An independent commission is needed to improve integrity and effectiveness and tackle serious issues with honesty in the legal system, an expert investigating the Post Office scandal has said.
Lawyers are aiding irresponsible decisions and there is abuse of confidentiality and legal professional privilege, according to Professor Richard Moorhead. There is a need for "concerted action" to tackle system-wide failures.
The independent commission should work with government, the professions, the courts and regulators.
The proposal was made as part of this year's Hamlyn Lectures by Professor Moorhead, who is from the University of Exeter Law School.
In the lectures he highlighted the serious legal problems of recent years, including the cases handled for oligarchs; the threats to national security posed by professional enabling, alleged SLAPPs, NDAs, corruption and phone hacking.
He also warned of a culture of excessive aggression in legal work - suggesting things are legal that are likely not legal, including misleading and abusive handling of legal matters.
Professor Moorhead said any commission would need to be strongly led with a mandate to address a programme of reform.
He also called for "more capable, better resourced, and more respected" regulators. This may mean a single regulator and a single disciplinary tribunal.
He said: "We have to change the way lawyers think and behave. We have to put complete integrity and particular care not to mislead at the front of our thinking. We should turn away from lauding amorality and guard against harm."
Professor Moorhead said ways of engaging and constructively challenging judges on how their work influences behaviour and ethics in litigation and advocacy should be encouraged, whilst respecting their independence. Judges should get more resources and support to manage difficult cases.
A particular focus of reform should be on building and strengthening accountability systems for legal risk in organisations and the professions. This is likely to require changes to rules and guidance in relation to corporate governance.
The power of regulators to regulate in-house lawyers and support their independence needs consideration to ensure regulatory gaps are closed.
Professor Moorhead said regulators and courts could do more to emphasise and strengthen obligations to be independent and objective in the provision of advice and assistance to clients.
Scrupulousness, complete honesty, and particular care not to mislead, as well as responsibility of purpose, and consideration of forseeable consequences, should feature prominently in any professional code.
Fearlessness and the presumption that lawyers can harm third parties for their clients should be removed from the codes and guidance because they are used to justify unwarranted aggression from lawyers.
Professor Moorhead also recommended:
- Ethical practice should be a routine and proactive part of competence review for all lawyers in firms and chambers.

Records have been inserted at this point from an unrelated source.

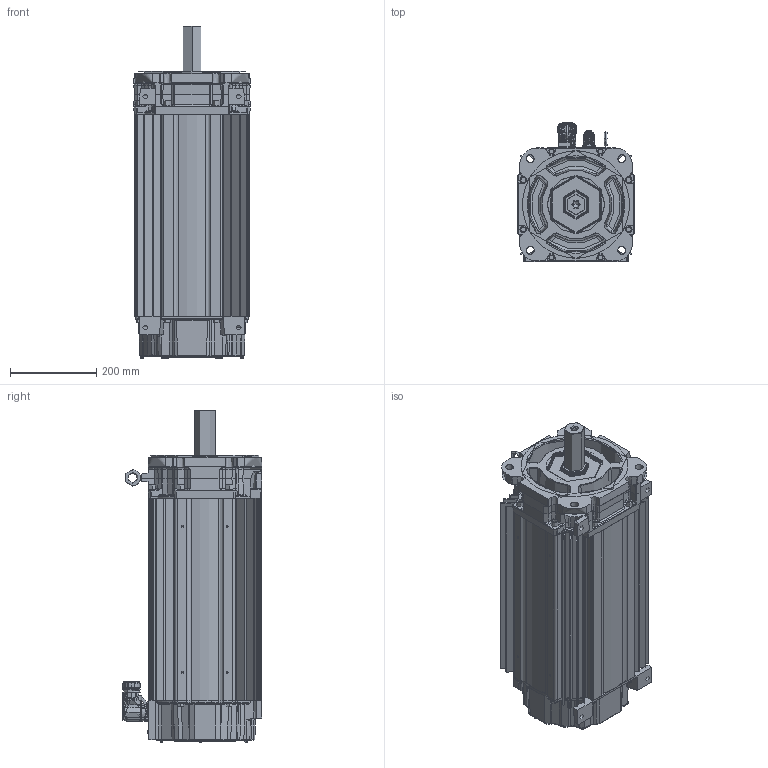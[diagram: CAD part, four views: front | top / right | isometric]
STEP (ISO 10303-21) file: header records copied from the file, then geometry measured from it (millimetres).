
FILE_DESCRIPTION((''),'2;1');
FILE_NAME('10001442216_ASM','2020-01-16T12:11:37',('VThimma'),('Rockwell Automation'),'CREO PARAMETRIC BY PTC INC, 2017380','CREO PARAMETRIC BY PTC INC, 2017380','');
FILE_SCHEMA(('CONFIG_CONTROL_DESIGN','SHAPE_APPEARANCE_LAYERS_GROUPS'));
Products named in the file (25): 10001441960; 10001404634_AF0; 10001404629_AF6; 10001404635_ASM; 10001585735; 10001442014_ASM; 10001439812_KEYLESS; 10001440033_ASM; 10001405269_AF0; 10001405367_ASM; 10001586887; 0002-5004; 10001609981; 10001737030; 10000014325-2; 10000014331; 10000014332-460; 10000014330-460_ASM; 10000172464; PWR40CONN-BRK; PWR40BASE; 10000806125_ASM; 221404-Q12; 10001408124; 10001442216_ASM
Assembly tree (50 placements, depth 4):
  10001442216_ASM
    10001442014_ASM
      10001441960
      10001404635_ASM
        10001404634_AF0
        10001404629_AF6
      10001585735  x8
    10001440033_ASM
      10001439812_KEYLESS
    10001405367_ASM
      10001405269_AF0
    10001586887  x7
    0002-5004  x2
    10001609981
    10001737030
    10000014330-460_ASM
      10000014325-2
      10000014331
      10000014332-460
    10000172464  x4
    10000806125_ASM
      PWR40CONN-BRK
      PWR40BASE
    221404-Q12  x10
    10001408124
Bounding box: 269.49 x 324.05 x 768.83 mm (x, y, z)
Topology: 0 solids, 61 shells, 7054 faces, 18340 edges, 11403 vertices
Faces by surface type: cylinder 2233, plane 1653, bspline 1505, torus 877, cone 580, sphere 163, extrusion 42, revolution 1
Entity records: 357327 total; most frequent: CARTESIAN_POINT 136589, ORIENTED_EDGE 30193, DIRECTION 25530, PRESENTATION_STYLE_ASSIGNMENT 20965, STYLED_ITEM 20965, CURVE_STYLE 15206, EDGE_CURVE 15164, AXIS2_PLACEMENT_3D 10361
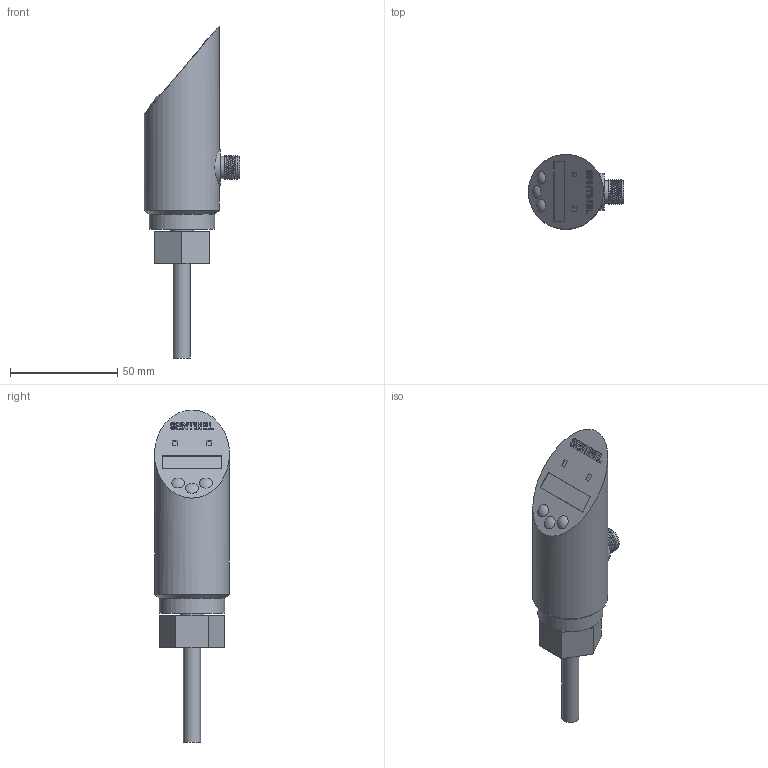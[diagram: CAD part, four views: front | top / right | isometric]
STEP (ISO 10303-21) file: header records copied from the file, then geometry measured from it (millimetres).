
FILE_DESCRIPTION(/* description */ (''),/* implementation_level */ '2;1');
FILE_NAME(/* name */ 'PLSN-18MN-AN6D-SC.stp',/* time_stamp */ '2022-06-17T15:30:39+08:00',/* author */ (''),/* organization */ (''),/* preprocessor_version */ 'ST-DEVELOPER v16',/* originating_system */ 'SIEMENS PLM Software NX 10.0',/* authorisation */ '');
FILE_SCHEMA (('CONFIG_CONTROL_DESIGN'));
Length unit declared in the file: millimetre
Products named in the file (1): PLSN-18MN
Bounding box: 44.5 x 35 x 155 mm (x, y, z)
Volume: 76842.2 mm3; surface area: 16830.6 mm2
Topology: 1 solids, 1 shells, 156 faces, 381 edges, 255 vertices
Faces by surface type: plane 113, cylinder 18, extrusion 16, bspline 5, sphere 3, cone 1
Full cylindrical faces by diameter (mm): 0.75 x5, 8 x1, 9 x1, 10 x1, 10.5 x2, 11 x1, 17 x1, 30.558 x1, 35 x1
Entity records: 7695 total; most frequent: CARTESIAN_POINT 4353, ORIENTED_EDGE 722, DIRECTION 501, EDGE_CURVE 361, VERTEX_POINT 251, EDGE_LOOP 200, B_SPLINE_CURVE_WITH_KNOTS 199, AXIS2_PLACEMENT_3D 171

- There should be a mechanism by which individuals, teams, or their firms/chambers could undergo non-disciplinary investigation and analysis, to encourage lesson learning and remediation, not punishment.
- The role of the Compliance Officer in Legal Practice in solicitors firms should be reviewed and improved.
- There should be a full, independent review of the law on legal professional privilege.
Professor Moorhead said: "Lucid ethical thinking could be aided by modest changes to codes, better guidance and regulation, and a concerted programme of training. This may sound forbidding to practitioners and judges at first and it will require exceptional leadership and determination.